Stored data entries
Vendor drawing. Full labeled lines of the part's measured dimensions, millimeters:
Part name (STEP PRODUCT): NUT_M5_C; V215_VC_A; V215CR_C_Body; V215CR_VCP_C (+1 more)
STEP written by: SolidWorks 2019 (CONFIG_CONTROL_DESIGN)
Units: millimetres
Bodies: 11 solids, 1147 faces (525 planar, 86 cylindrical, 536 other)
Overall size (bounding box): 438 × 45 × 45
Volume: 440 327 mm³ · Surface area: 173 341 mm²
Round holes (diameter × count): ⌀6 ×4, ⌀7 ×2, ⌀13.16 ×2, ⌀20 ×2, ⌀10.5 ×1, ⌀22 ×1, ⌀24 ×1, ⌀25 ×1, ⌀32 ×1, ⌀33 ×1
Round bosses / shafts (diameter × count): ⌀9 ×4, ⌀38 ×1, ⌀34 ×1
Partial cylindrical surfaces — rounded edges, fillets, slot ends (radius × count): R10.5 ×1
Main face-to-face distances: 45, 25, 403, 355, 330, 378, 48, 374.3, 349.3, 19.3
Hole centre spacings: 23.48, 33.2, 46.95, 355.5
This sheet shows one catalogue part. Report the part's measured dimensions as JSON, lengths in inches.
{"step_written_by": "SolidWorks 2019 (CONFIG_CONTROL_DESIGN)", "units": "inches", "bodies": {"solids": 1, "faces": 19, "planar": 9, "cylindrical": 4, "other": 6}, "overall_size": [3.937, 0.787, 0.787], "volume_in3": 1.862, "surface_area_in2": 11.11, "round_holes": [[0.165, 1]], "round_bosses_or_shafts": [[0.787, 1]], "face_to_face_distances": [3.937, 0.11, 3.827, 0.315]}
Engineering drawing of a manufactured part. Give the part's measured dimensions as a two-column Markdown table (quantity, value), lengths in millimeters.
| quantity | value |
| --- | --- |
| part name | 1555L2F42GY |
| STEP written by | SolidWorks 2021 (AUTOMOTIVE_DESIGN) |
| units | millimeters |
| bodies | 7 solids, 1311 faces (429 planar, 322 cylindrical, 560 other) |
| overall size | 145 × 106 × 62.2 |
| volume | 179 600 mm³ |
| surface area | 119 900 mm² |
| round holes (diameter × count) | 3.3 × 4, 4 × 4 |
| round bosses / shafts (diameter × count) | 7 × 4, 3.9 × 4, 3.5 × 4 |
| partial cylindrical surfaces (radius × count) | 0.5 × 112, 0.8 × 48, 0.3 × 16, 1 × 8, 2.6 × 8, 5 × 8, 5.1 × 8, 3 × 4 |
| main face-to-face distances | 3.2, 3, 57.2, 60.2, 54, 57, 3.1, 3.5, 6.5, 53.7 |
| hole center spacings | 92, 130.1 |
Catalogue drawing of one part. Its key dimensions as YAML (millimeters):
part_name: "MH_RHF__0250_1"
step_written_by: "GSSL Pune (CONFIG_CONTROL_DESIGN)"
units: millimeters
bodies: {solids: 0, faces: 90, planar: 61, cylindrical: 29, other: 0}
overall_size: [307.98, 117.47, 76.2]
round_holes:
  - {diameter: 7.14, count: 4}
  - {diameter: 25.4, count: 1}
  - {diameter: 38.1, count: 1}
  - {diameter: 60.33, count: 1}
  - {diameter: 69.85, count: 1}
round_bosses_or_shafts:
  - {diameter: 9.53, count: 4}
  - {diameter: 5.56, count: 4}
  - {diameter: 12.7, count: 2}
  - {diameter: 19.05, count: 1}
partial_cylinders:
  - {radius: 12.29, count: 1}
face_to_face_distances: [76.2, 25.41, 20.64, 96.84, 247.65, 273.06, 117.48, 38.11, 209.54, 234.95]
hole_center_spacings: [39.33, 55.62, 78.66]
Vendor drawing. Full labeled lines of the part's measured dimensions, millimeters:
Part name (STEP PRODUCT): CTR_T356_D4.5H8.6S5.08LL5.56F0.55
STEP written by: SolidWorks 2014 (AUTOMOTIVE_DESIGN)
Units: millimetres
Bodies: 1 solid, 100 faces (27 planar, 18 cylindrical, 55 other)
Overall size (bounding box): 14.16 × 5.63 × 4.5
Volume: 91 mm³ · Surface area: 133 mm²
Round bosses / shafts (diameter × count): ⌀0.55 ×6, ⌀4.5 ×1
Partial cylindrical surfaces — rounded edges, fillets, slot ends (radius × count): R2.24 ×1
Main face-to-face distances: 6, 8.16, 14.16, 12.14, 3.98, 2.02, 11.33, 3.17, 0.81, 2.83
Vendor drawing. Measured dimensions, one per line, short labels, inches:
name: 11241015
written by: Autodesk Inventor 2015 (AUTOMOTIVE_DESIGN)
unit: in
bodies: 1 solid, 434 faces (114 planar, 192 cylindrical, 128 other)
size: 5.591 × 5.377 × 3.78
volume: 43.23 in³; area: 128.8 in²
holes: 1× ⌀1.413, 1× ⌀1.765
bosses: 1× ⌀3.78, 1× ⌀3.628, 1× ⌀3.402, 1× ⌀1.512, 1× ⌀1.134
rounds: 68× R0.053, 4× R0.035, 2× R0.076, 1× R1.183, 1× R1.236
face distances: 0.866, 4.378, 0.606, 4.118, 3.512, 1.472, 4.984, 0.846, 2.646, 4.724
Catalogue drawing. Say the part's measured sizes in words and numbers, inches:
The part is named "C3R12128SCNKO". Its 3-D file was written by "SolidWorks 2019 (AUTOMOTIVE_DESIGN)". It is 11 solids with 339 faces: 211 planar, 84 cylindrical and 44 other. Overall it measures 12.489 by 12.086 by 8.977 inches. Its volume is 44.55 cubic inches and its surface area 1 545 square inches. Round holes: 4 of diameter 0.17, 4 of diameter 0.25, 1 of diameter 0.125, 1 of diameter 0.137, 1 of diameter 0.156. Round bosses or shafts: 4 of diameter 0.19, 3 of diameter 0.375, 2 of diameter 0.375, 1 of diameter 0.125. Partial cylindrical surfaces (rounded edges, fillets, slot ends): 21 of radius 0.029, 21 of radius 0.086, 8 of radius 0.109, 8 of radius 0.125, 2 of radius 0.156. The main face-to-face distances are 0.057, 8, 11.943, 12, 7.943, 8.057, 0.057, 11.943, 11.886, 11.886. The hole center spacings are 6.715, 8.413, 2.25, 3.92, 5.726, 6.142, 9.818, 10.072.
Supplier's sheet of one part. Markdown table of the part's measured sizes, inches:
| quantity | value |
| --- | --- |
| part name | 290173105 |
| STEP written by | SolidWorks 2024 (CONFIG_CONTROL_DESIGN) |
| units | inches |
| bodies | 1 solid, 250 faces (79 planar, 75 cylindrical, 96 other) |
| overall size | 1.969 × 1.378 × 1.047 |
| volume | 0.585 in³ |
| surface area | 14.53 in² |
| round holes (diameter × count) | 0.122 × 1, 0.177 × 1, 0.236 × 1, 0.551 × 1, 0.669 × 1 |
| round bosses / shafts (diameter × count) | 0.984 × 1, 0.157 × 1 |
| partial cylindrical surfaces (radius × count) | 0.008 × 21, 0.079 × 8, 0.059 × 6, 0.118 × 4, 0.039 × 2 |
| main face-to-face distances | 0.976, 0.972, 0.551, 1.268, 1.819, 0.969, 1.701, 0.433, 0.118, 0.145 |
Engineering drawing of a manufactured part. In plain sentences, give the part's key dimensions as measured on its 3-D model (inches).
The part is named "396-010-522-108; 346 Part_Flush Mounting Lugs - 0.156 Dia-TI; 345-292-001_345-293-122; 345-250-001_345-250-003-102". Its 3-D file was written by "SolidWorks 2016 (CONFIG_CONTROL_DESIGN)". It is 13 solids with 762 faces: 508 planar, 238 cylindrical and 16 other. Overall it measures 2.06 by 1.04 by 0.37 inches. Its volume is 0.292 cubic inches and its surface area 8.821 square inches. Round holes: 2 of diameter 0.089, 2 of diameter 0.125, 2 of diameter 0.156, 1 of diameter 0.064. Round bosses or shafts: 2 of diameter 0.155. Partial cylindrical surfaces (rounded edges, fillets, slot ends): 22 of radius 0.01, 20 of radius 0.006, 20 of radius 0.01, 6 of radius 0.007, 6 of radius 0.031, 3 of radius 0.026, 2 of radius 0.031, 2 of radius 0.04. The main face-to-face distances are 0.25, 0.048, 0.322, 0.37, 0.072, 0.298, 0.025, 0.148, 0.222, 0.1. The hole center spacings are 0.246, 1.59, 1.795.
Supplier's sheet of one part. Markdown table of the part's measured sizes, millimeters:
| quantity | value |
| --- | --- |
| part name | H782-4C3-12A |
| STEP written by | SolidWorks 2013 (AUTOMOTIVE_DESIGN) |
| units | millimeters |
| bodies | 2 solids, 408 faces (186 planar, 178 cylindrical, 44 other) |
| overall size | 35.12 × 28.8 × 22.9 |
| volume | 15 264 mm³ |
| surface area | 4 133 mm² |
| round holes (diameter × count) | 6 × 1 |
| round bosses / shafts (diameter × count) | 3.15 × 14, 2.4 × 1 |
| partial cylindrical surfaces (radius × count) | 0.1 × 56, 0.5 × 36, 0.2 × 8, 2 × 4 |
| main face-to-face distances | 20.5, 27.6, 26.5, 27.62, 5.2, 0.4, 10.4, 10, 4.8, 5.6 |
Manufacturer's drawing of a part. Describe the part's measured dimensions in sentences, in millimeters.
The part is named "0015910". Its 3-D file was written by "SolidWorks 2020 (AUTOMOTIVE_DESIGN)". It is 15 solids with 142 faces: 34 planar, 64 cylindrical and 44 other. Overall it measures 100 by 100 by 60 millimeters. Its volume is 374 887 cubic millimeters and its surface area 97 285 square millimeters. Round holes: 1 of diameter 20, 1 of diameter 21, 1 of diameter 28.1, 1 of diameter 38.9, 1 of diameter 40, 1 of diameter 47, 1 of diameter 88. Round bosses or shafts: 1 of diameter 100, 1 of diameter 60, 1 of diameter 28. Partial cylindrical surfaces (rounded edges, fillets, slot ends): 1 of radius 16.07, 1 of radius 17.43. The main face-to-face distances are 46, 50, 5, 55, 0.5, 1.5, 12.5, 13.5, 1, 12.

Aim of the exercise: Each line above where the word "PRODUCT" occurs should be copied out.

Answer area:
Part name (STEP PRODUCT): NUT_M5_C; V215_VC_A; V215CR_C_Body; V215CR_VCP_C (+1 more)
Part name (STEP PRODUCT): CTR_T356_D4.5H8.6S5.08LL5.56F0.55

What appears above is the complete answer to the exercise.